Someone in espadrilles had just come down the ramp, silently and with a spring in his step, and was approaching the Belgian barge, holding in each hand a string bag full of provisions from which two big loaves of bread and a few leeks stuck out.
It was the brother, there was no doubt about it, because he looked like Jef Van Houtte, only younger, with less pronounced features. He was wearing blue cotton trousers and a sweater with white stripes. Once on the boat, he spoke to Jef, then looked in Maigret’s direction.
‘Don’t touch anything. I may need you again. If you find out anything …’
‘Can you see me coming to your office, looking like this?’
That made her laugh once again. Pointing to the bottle, she asked:
‘Can I finish it?’
He nodded and went to meet Lapointe, who was just returning, accompanied by a uniformed officer. He gave the latter instructions to guard the pile of things that constituted Doc’s entire fortune until a technician from Criminal Records arrived.
After which, with Lapointe by his side, he walked over to the Zwarte Zwaan.
‘Are you Hubert Van Houtte?’
More taciturn or more suspicious than his brother, Hubert merely nodded.

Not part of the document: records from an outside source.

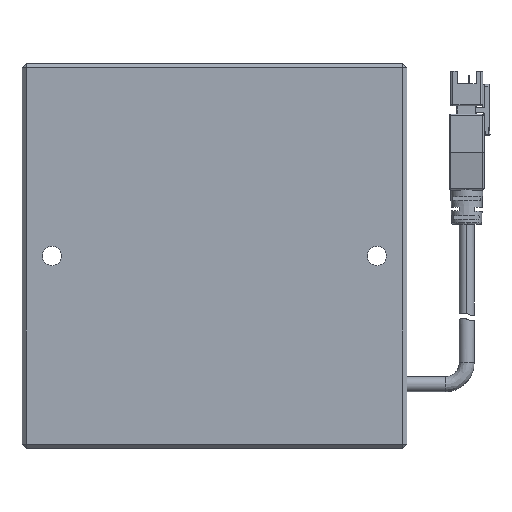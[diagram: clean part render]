
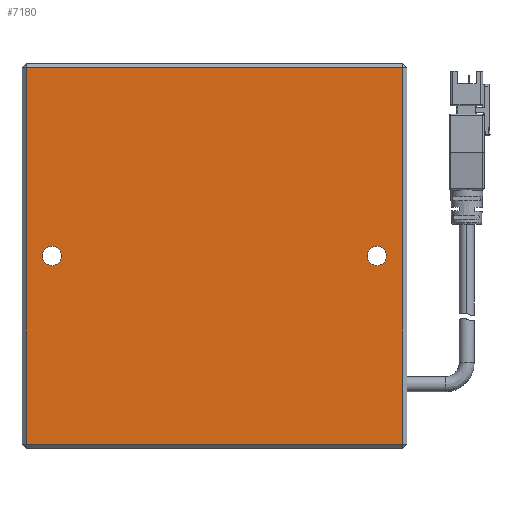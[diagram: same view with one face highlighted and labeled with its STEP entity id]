
A CAD part, top view. The second image highlights one B-rep face of the part: STEP entity #7180.
In plain terms, the highlighted planar face has unit normal (0, 0, 1).
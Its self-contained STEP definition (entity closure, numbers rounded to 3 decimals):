
#28 = CARTESIAN_POINT ( 'NONE',  ( -44., -45., 10.5 ) ) ;
#34 = AXIS2_PLACEMENT_3D ( 'NONE', #608, #7700, #6467 ) ;
#102 = AXIS2_PLACEMENT_3D ( 'NONE', #3626, #3654, #352 ) ;
#352 = DIRECTION ( 'NONE',  ( 1., 0., 0. ) ) ;
#477 = ORIENTED_EDGE ( 'NONE', *, *, #1951, .T. ) ;
#589 = DIRECTION ( 'NONE',  ( 0., 0., -1. ) ) ;
#608 = CARTESIAN_POINT ( 'NONE',  ( 38., 0., 10.5 ) ) ;
#620 = DIRECTION ( 'NONE',  ( 0., 0., -1. ) ) ;
#777 = LINE ( 'NONE', #28, #6839 ) ;
#783 = CARTESIAN_POINT ( 'NONE',  ( 38., 0., 10.5 ) ) ;
#915 = CARTESIAN_POINT ( 'NONE',  ( 45., -44., 10.5 ) ) ;
#1114 = CARTESIAN_POINT ( 'NONE',  ( 44., -44., 10.5 ) ) ;
#1116 = CARTESIAN_POINT ( 'NONE',  ( 35.75, 0., 10.5 ) ) ;
#1138 = EDGE_CURVE ( 'NONE', #3512, #6709, #777, .T. ) ;
#1211 = VECTOR ( 'NONE', #3802, 1000. ) ;
#1293 = ORIENTED_EDGE ( 'NONE', *, *, #7891, .T. ) ;
#1421 = EDGE_LOOP ( 'NONE', ( #3589, #2083, #477, #1293 ) ) ;
#1456 = VERTEX_POINT ( 'NONE', #2702 ) ;
#1840 = AXIS2_PLACEMENT_3D ( 'NONE', #7016, #620, #7660 ) ;
#1859 = DIRECTION ( 'NONE',  ( 0., 0., -1. ) ) ;
#1938 = DIRECTION ( 'NONE',  ( -1., 0., 0. ) ) ;
#1951 = EDGE_CURVE ( 'NONE', #6709, #4949, #2045, .T. ) ;
#2045 = LINE ( 'NONE', #915, #6052 ) ;
#2083 = ORIENTED_EDGE ( 'NONE', *, *, #1138, .T. ) ;
#2265 = AXIS2_PLACEMENT_3D ( 'NONE', #783, #1859, #1938 ) ;
#2436 = CIRCLE ( 'NONE', #2265, 2.25 ) ;
#2702 = CARTESIAN_POINT ( 'NONE',  ( 40.25, 0., 10.5 ) ) ;
#2715 = CARTESIAN_POINT ( 'NONE',  ( 44., 44., 10.5 ) ) ;
#2854 = DIRECTION ( 'NONE',  ( 1., 0., 0. ) ) ;
#3061 = VERTEX_POINT ( 'NONE', #7054 ) ;
#3106 = CARTESIAN_POINT ( 'NONE',  ( -40.25, 0., 10.5 ) ) ;
#3391 = AXIS2_PLACEMENT_3D ( 'NONE', #4454, #589, #7039 ) ;
#3512 = VERTEX_POINT ( 'NONE', #3597 ) ;
#3589 = ORIENTED_EDGE ( 'NONE', *, *, #8008, .T. ) ;
#3597 = CARTESIAN_POINT ( 'NONE',  ( -44., 44., 10.5 ) ) ;
#3626 = CARTESIAN_POINT ( 'NONE',  ( 0., 0., 10.5 ) ) ;
#3654 = DIRECTION ( 'NONE',  ( 0., 0., 1. ) ) ;
#3734 = EDGE_CURVE ( 'NONE', #8226, #1456, #2436, .T. ) ;
#3757 = CARTESIAN_POINT ( 'NONE',  ( 44., 45., 10.5 ) ) ;
#3802 = DIRECTION ( 'NONE',  ( 0., 1., 0. ) ) ;
#3934 = EDGE_CURVE ( 'NONE', #4920, #3061, #6311, .T. ) ;
#4039 = VECTOR ( 'NONE', #4173, 1000. ) ;
#4089 = VERTEX_POINT ( 'NONE', #2715 ) ;
#4173 = DIRECTION ( 'NONE',  ( -1., 0., 0. ) ) ;
#4200 = FACE_BOUND ( 'NONE', #7096, .T. ) ;
#4205 = CIRCLE ( 'NONE', #34, 2.25 ) ;
#4313 = EDGE_CURVE ( 'NONE', #1456, #8226, #4205, .T. ) ;
#4454 = CARTESIAN_POINT ( 'NONE',  ( -38., 0., 10.5 ) ) ;
#4542 = DIRECTION ( 'NONE',  ( 0., -1., 0. ) ) ;
#4636 = ORIENTED_EDGE ( 'NONE', *, *, #4313, .T. ) ;
#4663 = EDGE_LOOP ( 'NONE', ( #7811, #4636 ) ) ;
#4750 = LINE ( 'NONE', #3757, #1211 ) ;
#4762 = CARTESIAN_POINT ( 'NONE',  ( -45., 44., 10.5 ) ) ;
#4769 = ORIENTED_EDGE ( 'NONE', *, *, #3934, .T. ) ;
#4920 = VERTEX_POINT ( 'NONE', #3106 ) ;
#4949 = VERTEX_POINT ( 'NONE', #1114 ) ;
#5298 = FACE_BOUND ( 'NONE', #4663, .T. ) ;
#5571 = CIRCLE ( 'NONE', #1840, 2.25 ) ;
#5887 = FACE_OUTER_BOUND ( 'NONE', #1421, .T. ) ;
#6052 = VECTOR ( 'NONE', #2854, 1000. ) ;
#6311 = CIRCLE ( 'NONE', #3391, 2.25 ) ;
#6467 = DIRECTION ( 'NONE',  ( -1., 0., 0. ) ) ;
#6709 = VERTEX_POINT ( 'NONE', #8155 ) ;
#6839 = VECTOR ( 'NONE', #4542, 1000. ) ;
#7016 = CARTESIAN_POINT ( 'NONE',  ( -38., 0., 10.5 ) ) ;
#7039 = DIRECTION ( 'NONE',  ( -1., 0., 0. ) ) ;
#7054 = CARTESIAN_POINT ( 'NONE',  ( -35.75, 0., 10.5 ) ) ;
#7096 = EDGE_LOOP ( 'NONE', ( #4769, #7153 ) ) ;
#7153 = ORIENTED_EDGE ( 'NONE', *, *, #7345, .T. ) ;
#7180 = ADVANCED_FACE ( 'NONE', ( #5887, #4200, #5298 ), #8062, .T. ) ;
#7345 = EDGE_CURVE ( 'NONE', #3061, #4920, #5571, .T. ) ;
#7457 = LINE ( 'NONE', #4762, #4039 ) ;
#7660 = DIRECTION ( 'NONE',  ( -1., 0., 0. ) ) ;
#7700 = DIRECTION ( 'NONE',  ( 0., 0., -1. ) ) ;
#7811 = ORIENTED_EDGE ( 'NONE', *, *, #3734, .T. ) ;
#7891 = EDGE_CURVE ( 'NONE', #4949, #4089, #4750, .T. ) ;
#8008 = EDGE_CURVE ( 'NONE', #4089, #3512, #7457, .T. ) ;
#8062 = PLANE ( 'NONE',  #102 ) ;
#8155 = CARTESIAN_POINT ( 'NONE',  ( -44., -44., 10.5 ) ) ;
#8226 = VERTEX_POINT ( 'NONE', #1116 ) ;

‘Did you go dancing last night?’
‘Is there anything wrong with that?’
He didn’t have such a strong accent. Maigret and Lapointe, still standing on the quayside, had to look up at him.
‘Which dance hall did you go to?’
‘It was near Place de la Bastille, in a narrow street where there are half a dozen of them. This one’s called Léon’s.’
‘Did you already know it?’
‘I’ve been several times.’
‘So you don’t know what happened?’
‘Only what my brother told me.’
Smoke was emerging from a copper chimney on deck. The woman and the child had gone down into the cabin, and from where they stood Maigret and Lapointe could smell cooking.